• **Given data**
++++

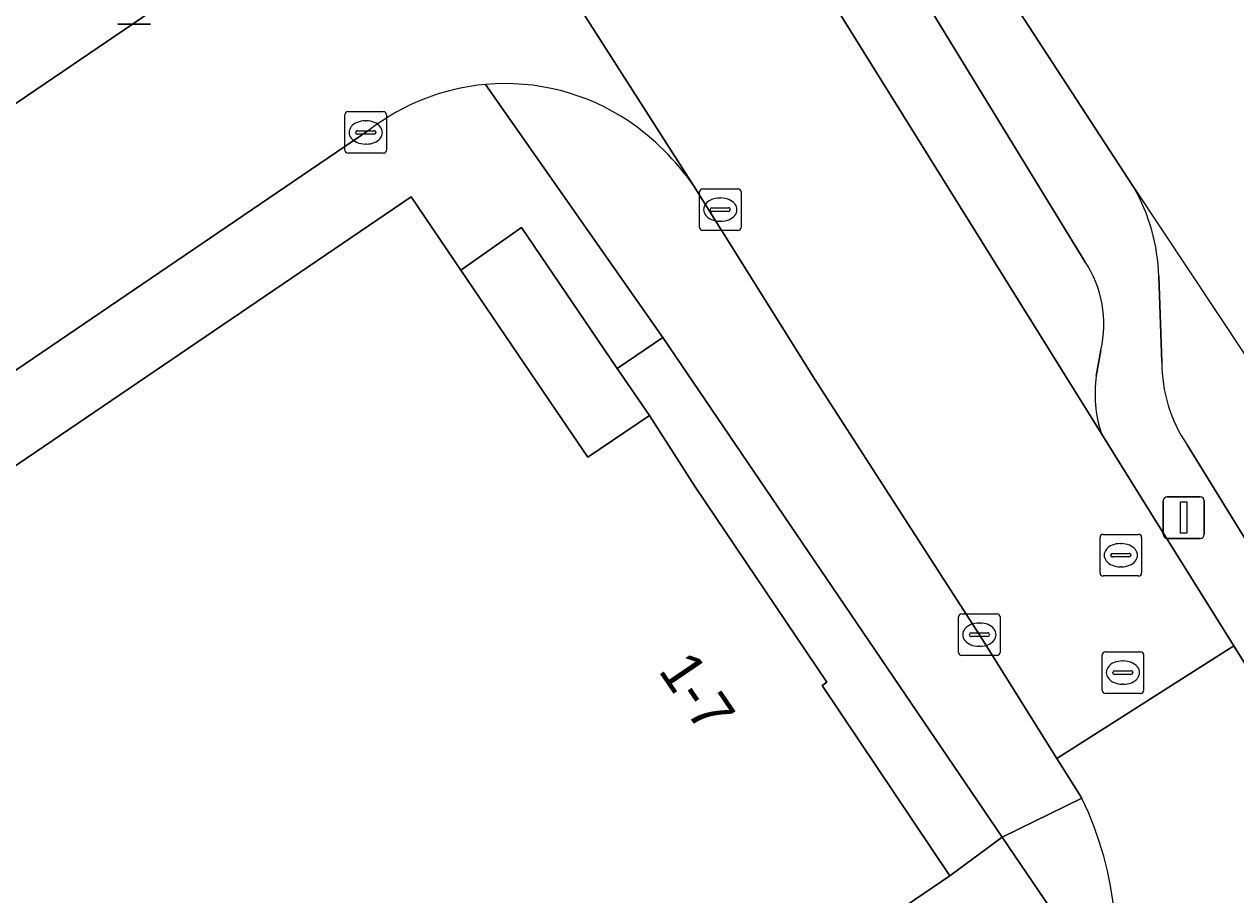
# Model space of a CAD drawing. Extents: x 160030 to 160839, y 385325 to 386450.
# Drawn here: x 160319.79 to 160348.93, y 386038.21 to 386059.14 of the extents above; entities that cross this region are included whole.
import ezdxf

# ---------------------------------------------------------------- set-up
doc = ezdxf.new("R2010")
doc.units = 0
for name, color, linetype in [('IMGEO_Erf', 7, 'Continuous'), ('IMGEO_Kolk', 7, 'Continuous'), ('IMGEO_Lichtmast', 7, 'Continuous'), ('IMGEO_Muur', 7, 'Continuous'), ('IMGEO_Pand', 7, 'Continuous'), ('IMGEO_Pand_nummerreeks', 7, 'Continuous'), ('IMGEO_Parkeervlak_open', 7, 'Continuous'), ('IMGEO_Rijbaan_lokaal_open', 7, 'Continuous'), ('IMGEO_Rioolput', 7, 'Continuous'), ('IMGEO_Voetpad_open', 7, 'Continuous')]:
    doc.layers.add(name, color=color, linetype=linetype)

msp = doc.modelspace()

# ---------------------------------------------------------------- linework, layer by layer
at = {"layer": 'IMGEO_Erf'}
for points in [[(160370.781, 386076.328), (160369.458, 386078.531), (160367.534, 386077.224), (160368.824, 386075.075), (160364.761, 386072.603), (160360.52, 386070.023), (160359.198, 386072.224), (160357.26, 386070.889), (160358.55, 386068.739), (160354.54, 386066.3), (160350.301, 386063.721), (160348.979, 386065.922), (160346.4, 386064.336), (160347.726, 386062.206), (160343.602, 386059.637), (160346.483, 386055.214)], [(160347.08, 386053.085), (160347.158, 386051.016)], [(160347.765, 386049.027), (160350.671, 386044.32), (160351.736, 386042.596)]]:
    msp.add_lwpolyline(points, dxfattribs=at)
for centre, radius, start, end in [((160342.575, 386052.97), 4.507, 1.4643, 29.8641), ((160350.628, 386050.988), 3.47, 179.5363, 214.4059)]:
    msp.add_arc(centre, radius, start, end, dxfattribs=at)
at = {"layer": 'IMGEO_Kolk'}
for p, q in [((160327.503, 386056.114), (160327.503, 386056.966)), ((160327.578, 386057.04), (160328.43, 386057.04)), ((160328.504, 386056.966), (160328.504, 386056.114)), ((160327.805, 386056.583), (160328.203, 386056.583)), ((160327.991, 386056.82), (160328.016, 386056.82)), ((160327.762, 386056.534), (160327.762, 386056.546)), ((160328.2, 386056.497), (160327.802, 386056.497)), ((160328.246, 386056.546), (160328.246, 386056.534)), ((160328.43, 386056.04), (160327.578, 386056.04)), ((160328.014, 386056.26), (160327.989, 386056.26)), ((160336.031, 386054.258), (160336.031, 386055.11)), ((160336.106, 386055.184), (160336.958, 386055.184)), ((160337.032, 386055.11), (160337.032, 386054.258)), ((160336.519, 386054.964), (160336.544, 386054.964)), ((160336.29, 386054.678), (160336.29, 386054.69)), ((160336.728, 386054.641), (160336.33, 386054.641)), ((160336.333, 386054.727), (160336.731, 386054.727)), ((160336.774, 386054.69), (160336.774, 386054.678)), ((160336.542, 386054.404), (160336.517, 386054.404)), ((160336.958, 386054.184), (160336.106, 386054.184)), ((160342.342, 386044.962), (160343.194, 386044.962)), ((160342.267, 386044.036), (160342.267, 386044.888)), ((160342.755, 386044.742), (160342.78, 386044.742)), ((160343.268, 386044.888), (160343.268, 386044.036)), ((160342.526, 386044.456), (160342.526, 386044.468)), ((160342.964, 386044.419), (160342.566, 386044.419)), ((160342.569, 386044.505), (160342.967, 386044.505)), ((160343.01, 386044.468), (160343.01, 386044.456)), ((160342.778, 386044.182), (160342.753, 386044.182)), ((160343.194, 386043.962), (160342.342, 386043.962))]:
    msp.add_line(p, q, dxfattribs=at)
for points in [[(160327.503, 386056.114), (160327.503, 386056.966)], [(160327.578, 386057.04), (160328.43, 386057.04)], [(160328.504, 386056.966), (160328.504, 386056.114)], [(160328.43, 386056.04), (160327.578, 386056.04)], [(160336.031, 386054.258), (160336.031, 386055.11)], [(160336.106, 386055.184), (160336.958, 386055.184)], [(160337.032, 386055.11), (160337.032, 386054.258)], [(160336.958, 386054.184), (160336.106, 386054.184)], [(160342.342, 386044.962), (160343.194, 386044.962)], [(160342.267, 386044.036), (160342.267, 386044.888)], [(160343.268, 386044.888), (160343.268, 386044.036)], [(160343.194, 386043.962), (160342.342, 386043.962)]]:
    msp.add_lwpolyline(points, dxfattribs=at)
for centre, radius, start, end in [((160327.58, 386056.964), 0.0765, 91.552, 178.448), ((160327.58, 386056.964), 0.0765, 91.552, 178.448), ((160328.428, 386056.964), 0.0765, 1.552, 88.448), ((160328.428, 386056.964), 0.0765, 1.552, 88.448), ((160327.802, 386056.543), 0.0403, 85.8775, 175.7526), ((160328.207, 386056.545), 0.0386, 1.7309, 96.639), ((160327.799, 386056.533), 0.0366, 178.938, 274.7102), ((160328.203, 386056.54), 0.043, 264.8664, 352.4533), ((160327.58, 386056.116), 0.0765, 181.552, 268.448), ((160327.58, 386056.116), 0.0765, 181.552, 268.448), ((160328.428, 386056.116), 0.0765, 271.552, 358.448), ((160328.428, 386056.116), 0.0765, 271.552, 358.448), ((160336.108, 386055.108), 0.0765, 91.552, 178.448), ((160336.108, 386055.108), 0.0765, 91.552, 178.448), ((160336.956, 386055.108), 0.0765, 1.552, 88.448), ((160336.956, 386055.108), 0.0765, 1.552, 88.448), ((160336.33, 386054.687), 0.0403, 85.8775, 175.7526), ((160336.327, 386054.677), 0.0366, 178.938, 274.7102), ((160336.731, 386054.684), 0.043, 264.8664, 352.4533), ((160336.735, 386054.689), 0.0386, 1.7309, 96.639), ((160336.108, 386054.26), 0.0765, 181.552, 268.448), ((160336.108, 386054.26), 0.0765, 181.552, 268.448), ((160336.956, 386054.26), 0.0765, 271.552, 358.448), ((160336.956, 386054.26), 0.0765, 271.552, 358.448), ((160342.344, 386044.886), 0.0765, 91.552, 178.448), ((160342.344, 386044.886), 0.0765, 91.552, 178.448), ((160343.192, 386044.886), 0.0765, 1.552, 88.448), ((160343.192, 386044.886), 0.0765, 1.552, 88.448), ((160342.566, 386044.465), 0.0403, 85.8775, 175.7526), ((160342.563, 386044.455), 0.0366, 178.938, 274.7102), ((160342.967, 386044.462), 0.043, 264.8664, 352.4533), ((160342.971, 386044.467), 0.0386, 1.7309, 96.639), ((160342.344, 386044.038), 0.0765, 181.552, 268.448), ((160342.344, 386044.038), 0.0765, 181.552, 268.448), ((160343.192, 386044.038), 0.0765, 271.552, 358.448), ((160343.192, 386044.038), 0.0765, 271.552, 358.448)]:
    msp.add_arc(centre, radius, start, end, dxfattribs=at)
for centre, major_axis, ratio, start_param, end_param in [((160327.99, 386056.54), (-0.387, 0.002), 0.722429, 4.712389, 7.853982), ((160328.015, 386056.54), (-0.39, 0.002), 0.717154, 1.570796, 4.712389), ((160336.518, 386054.684), (-0.387, 0.002), 0.722429, 4.712389, 7.853982), ((160336.543, 386054.684), (-0.39, 0.002), 0.717154, 1.570796, 4.712389), ((160342.754, 386044.462), (-0.387, 0.002), 0.722429, 4.712389, 7.853982), ((160342.779, 386044.462), (-0.39, 0.002), 0.717154, 1.570796, 4.712389)]:
    msp.add_ellipse(centre, major_axis=major_axis, ratio=ratio, start_param=start_param, end_param=end_param, dxfattribs=at)
at = {"layer": 'IMGEO_Lichtmast'}
for p, q in [((160322.825, 386059.142), (160322.035, 386059.142)), ((160322.035, 386059.142), (160322.825, 386059.142)), ((160347.188, 386046.878), (160347.188, 386047.678)), ((160347.188, 386047.678), (160347.188, 386046.878)), ((160347.288, 386047.778), (160348.078, 386047.778)), ((160348.078, 386047.778), (160347.288, 386047.778)), ((160348.178, 386047.678), (160348.178, 386046.878)), ((160348.178, 386046.878), (160348.178, 386047.678)), ((160348.078, 386046.778), (160347.288, 386046.778)), ((160347.288, 386046.778), (160348.078, 386046.778))]:
    msp.add_line(p, q, dxfattribs=at)
msp.add_lwpolyline([(160347.608, 386047.653), (160347.758, 386047.653), (160347.758, 386046.903), (160347.608, 386046.903), (160347.608, 386047.653)], dxfattribs=at)
for centre, start, end in [((160347.288, 386047.678), 90, 180), ((160347.288, 386047.678), 90, 180), ((160348.078, 386047.678), 0, 90), ((160348.078, 386047.678), 360, 90), ((160347.288, 386046.878), 180, 270), ((160347.288, 386046.878), 180, 270), ((160348.078, 386046.878), 270, 0), ((160348.078, 386046.878), 270, 0)]:
    msp.add_arc(centre, 0.1, start, end, dxfattribs=at)
at = {"layer": 'IMGEO_Muur'}
for points in [[(160343.602, 386059.637), (160346.483, 386055.214)], [(160346.483, 386055.214), (160349.158, 386051.183)]]:
    msp.add_lwpolyline(points, dxfattribs=at)
at = {"layer": 'IMGEO_Pand'}
msp.add_lwpolyline([(160312.523, 386018.623), (160319.794, 386023.564), (160319.86, 386023.609), (160318.884, 386025.58), (160320.375, 386026.606), (160321.617, 386024.801), (160323.443, 386026.038), (160331.231, 386031.313), (160342.054, 386038.664), (160338.986, 386043.242), (160339.1, 386043.322), (160335.927, 386048.015), (160334.826, 386049.73), (160333.35, 386048.728), (160332.578, 386049.864), (160330.293, 386053.228), (160329.094, 386054.994), (160265.499, 386011.79)], dxfattribs=at)
at = {"layer": 'IMGEO_Parkeervlak_open'}
for points in [[(160330.953, 386073.039), (160337.757, 386062.058), (160345.695, 386049.312)], [(160345.306, 386053.436), (160338.728, 386064.177)], [(160345.577, 386050.681), (160345.689, 386051.307)]]:
    msp.add_lwpolyline(points, dxfattribs=at)
for centre, radius, start, end in [((160343.035, 386051.929), 2.726, 346.8193, 33.5771), ((160348.681, 386050.259), 3.132, 172.2566, 197.5962)]:
    msp.add_arc(centre, radius, start, end, dxfattribs=at)
at = {"layer": 'IMGEO_Rijbaan_lokaal_open'}
for points in [[(160327.523, 386068.337), (160335.889, 386055.264), (160338.797, 386050.618), (160342.768, 386044.462), (160344.631, 386041.482), (160348.891, 386044.19), (160347.11, 386047.04), (160346.132, 386048.61), (160345.695, 386049.312), (160337.757, 386062.058)], [(160335.889, 386055.264), (160327.523, 386068.337)], [(160325.342, 386061.172), (160323.666, 386060.015), (160315.833, 386054.695), (160308.389, 386049.542), (160302.814, 386045.834), (160265.416, 386020.437), (160263.212, 386018.961), (160262.779, 386018.671)], [(160265.152, 386013.927), (160289.489, 386030.427), (160310.109, 386044.387), (160328.103, 386056.609)], [(160350.013, 386042.398), (160349.237, 386043.638), (160348.891, 386044.19), (160344.631, 386041.482), (160345.233, 386040.526)]]:
    msp.add_lwpolyline(points, dxfattribs=at)
for centre, radius, start, end in [((160331.357, 386052.378), 5.338, 95.0555, 127.5647), ((160331.356, 386052.375), 5.34, 56.1425, 95.0347), ((160330.873, 386051.767), 6.114, 34.8813, 55.5617), ((160337.862, 386036.949), 8.193, 304.8353, 25.8863)]:
    msp.add_arc(centre, radius, start, end, dxfattribs=at)
at = {"layer": 'IMGEO_Rioolput'}
for p, q in [((160345.669, 386045.947), (160345.669, 386046.799)), ((160345.744, 386046.873), (160346.596, 386046.873)), ((160346.157, 386046.653), (160346.182, 386046.653)), ((160346.67, 386046.799), (160346.67, 386045.947)), ((160345.928, 386046.367), (160345.928, 386046.379)), ((160345.971, 386046.416), (160346.369, 386046.416)), ((160346.412, 386046.379), (160346.412, 386046.367)), ((160346.366, 386046.33), (160345.968, 386046.33)), ((160346.18, 386046.093), (160346.155, 386046.093)), ((160346.596, 386045.873), (160345.744, 386045.873)), ((160345.793, 386044.05), (160346.645, 386044.05)), ((160345.718, 386043.124), (160345.718, 386043.976)), ((160346.206, 386043.83), (160346.231, 386043.83)), ((160346.719, 386043.976), (160346.719, 386043.124)), ((160345.977, 386043.544), (160345.977, 386043.556)), ((160346.415, 386043.507), (160346.017, 386043.507)), ((160346.02, 386043.593), (160346.418, 386043.593)), ((160346.461, 386043.556), (160346.461, 386043.544)), ((160346.229, 386043.27), (160346.204, 386043.27)), ((160346.645, 386043.05), (160345.793, 386043.05))]:
    msp.add_line(p, q, dxfattribs=at)
for points in [[(160345.669, 386045.947), (160345.669, 386046.799)], [(160345.744, 386046.873), (160346.596, 386046.873)], [(160346.67, 386046.799), (160346.67, 386045.947)], [(160346.596, 386045.873), (160345.744, 386045.873)], [(160345.793, 386044.05), (160346.645, 386044.05)], [(160345.718, 386043.124), (160345.718, 386043.976)], [(160346.719, 386043.976), (160346.719, 386043.124)], [(160346.645, 386043.05), (160345.793, 386043.05)]]:
    msp.add_lwpolyline(points, dxfattribs=at)
for centre, radius, start, end in [((160345.746, 386046.797), 0.0765, 91.552, 178.448), ((160345.746, 386046.797), 0.0765, 91.552, 178.448), ((160346.594, 386046.797), 0.0765, 1.552, 88.448), ((160346.594, 386046.797), 0.0765, 1.552, 88.448), ((160345.968, 386046.376), 0.0403, 85.8775, 175.7526), ((160345.965, 386046.366), 0.0366, 178.938, 274.7102), ((160346.369, 386046.373), 0.043, 264.8664, 352.4533), ((160346.373, 386046.378), 0.0386, 1.7309, 96.639), ((160345.746, 386045.949), 0.0765, 181.552, 268.448), ((160345.746, 386045.949), 0.0765, 181.552, 268.448), ((160346.594, 386045.949), 0.0765, 271.552, 358.448), ((160346.594, 386045.949), 0.0765, 271.552, 358.448), ((160345.795, 386043.974), 0.0765, 91.552, 178.448), ((160345.795, 386043.974), 0.0765, 91.552, 178.448), ((160346.643, 386043.974), 0.0765, 1.552, 88.448), ((160346.643, 386043.974), 0.0765, 1.552, 88.448), ((160346.017, 386043.553), 0.0403, 85.8775, 175.7526), ((160346.014, 386043.543), 0.0366, 178.938, 274.7102), ((160346.418, 386043.55), 0.043, 264.8664, 352.4533), ((160346.422, 386043.555), 0.0386, 1.7309, 96.639), ((160345.795, 386043.126), 0.0765, 181.552, 268.448), ((160345.795, 386043.126), 0.0765, 181.552, 268.448), ((160346.643, 386043.126), 0.0765, 271.552, 358.448), ((160346.643, 386043.126), 0.0765, 271.552, 358.448)]:
    msp.add_arc(centre, radius, start, end, dxfattribs=at)
for centre, major_axis, ratio, start_param, end_param in [((160346.156, 386046.373), (-0.387, 0.002), 0.722429, 4.712389, 7.853982), ((160346.181, 386046.373), (-0.39, 0.002), 0.717154, 1.570796, 4.712389), ((160346.205, 386043.55), (-0.387, 0.002), 0.722429, 4.712389, 7.853982), ((160346.23, 386043.55), (-0.39, 0.002), 0.717154, 1.570796, 4.712389)]:
    msp.add_ellipse(centre, major_axis=major_axis, ratio=ratio, start_param=start_param, end_param=end_param, dxfattribs=at)
at = {"layer": 'IMGEO_Voetpad_open'}
for points in [[(160356.119, 386126.467), (160355.583, 386125.97), (160313.388, 386099.731), (160312.51, 386101.101), (160306.39, 386097.366), (160307.246, 386095.986), (160326.368, 386065.167), (160324.593, 386064.084), (160318.325, 386060.184), (160309.448, 386054.767), (160307.413, 386053.524), (160306.13, 386052.646), (160307.267, 386051.171), (160308.389, 386049.542), (160315.833, 386054.695), (160323.666, 386060.015)], [(160346.483, 386055.214), (160343.602, 386059.637), (160342.276, 386061.767), (160341.518, 386063.044), (160340.233, 386065.107), (160336.764, 386070.723)], [(160335.528, 386069.358), (160338.728, 386064.177), (160345.306, 386053.436)], [(160329.094, 386054.994), (160330.293, 386053.228), (160331.749, 386054.258), (160334.054, 386050.866), (160335.152, 386051.612), (160330.887, 386057.695)], [(160330.887, 386057.695), (160335.152, 386051.612), (160343.316, 386039.594), (160345.233, 386040.526), (160344.631, 386041.482), (160342.768, 386044.462), (160338.797, 386050.618)], [(160328.103, 386056.609), (160310.109, 386044.387), (160289.489, 386030.427), (160265.152, 386013.927), (160265.499, 386011.79), (160329.094, 386054.994)], [(160338.797, 386050.618), (160335.889, 386055.264)], [(160347.158, 386051.016), (160347.08, 386053.085)], [(160345.689, 386051.307), (160345.577, 386050.681)], [(160345.695, 386049.312), (160346.132, 386048.61), (160347.11, 386047.04), (160348.891, 386044.19), (160349.237, 386043.638), (160350.671, 386044.32), (160347.765, 386049.027)], [(160345.233, 386040.526), (160343.316, 386039.594), (160344.638, 386037.648), (160289.221, 386000), (160275.764, 385990.858), (160274.499, 385992.721), (160272.127, 385991.391), (160272.708, 385990.505)], [(160289.221, 386000), (160344.638, 386037.648), (160343.316, 386039.594), (160342.054, 386038.664), (160331.231, 386031.313), (160323.443, 386026.038), (160321.617, 386024.801), (160319.86, 386023.609), (160319.794, 386023.564), (160312.523, 386018.623), (160309.45, 386016.571), (160303.287, 386012.365), (160303.18, 386012.291), (160300.183, 386010.237), (160299.306, 386009.642), (160292.906, 386005.297)]]:
    msp.add_lwpolyline(points, dxfattribs=at)
for points in [[(160331.749, 386054.258), (160330.293, 386053.228), (160332.578, 386049.864), (160333.35, 386048.728), (160334.826, 386049.73), (160334.054, 386050.866)], [(160335.152, 386051.612), (160334.054, 386050.866), (160334.826, 386049.73), (160335.927, 386048.015), (160339.1, 386043.322), (160338.986, 386043.242), (160342.054, 386038.664), (160343.316, 386039.594)]]:
    msp.add_lwpolyline(points, close=True, dxfattribs=at)
for centre, radius, start, end in [((160331.357, 386052.378), 5.338, 95.0555, 127.5647), ((160331.356, 386052.375), 5.34, 56.1425, 95.0347), ((160330.873, 386051.767), 6.114, 34.8813, 55.5617), ((160342.575, 386052.97), 4.507, 1.4643, 29.8641), ((160343.035, 386051.929), 2.726, 346.8193, 33.5771), ((160350.628, 386050.988), 3.47, 179.5363, 214.4059), ((160348.681, 386050.259), 3.132, 172.2566, 197.5962), ((160337.862, 386036.949), 8.193, 304.8353, 25.8863)]:
    msp.add_arc(centre, radius, start, end, dxfattribs=at)

# ---------------------------------------------------------------- texts
at = {"layer": 'IMGEO_Pand_nummerreeks'}
msp.add_text('1-7', height=1, rotation=304.1882, dxfattribs=at).set_placement((160335.025, 386043.6))

doc.saveas('drawing.dxf')

++++

• **Problem statement**
Starting from the first line of the entries above, print each line exactly until the line containing "doc.units = 0" has been printed, and skip the pictures.

• **Response**
# Model space of a CAD drawing. Extents: x 160030 to 160839, y 385325 to 386450.
# Drawn here: x 160319.79 to 160348.93, y 386038.21 to 386059.14 of the extents above; entities that cross this region are included whole.
import ezdxf

# ---------------------------------------------------------------- set-up
doc = ezdxf.new("R2010")
doc.units = 0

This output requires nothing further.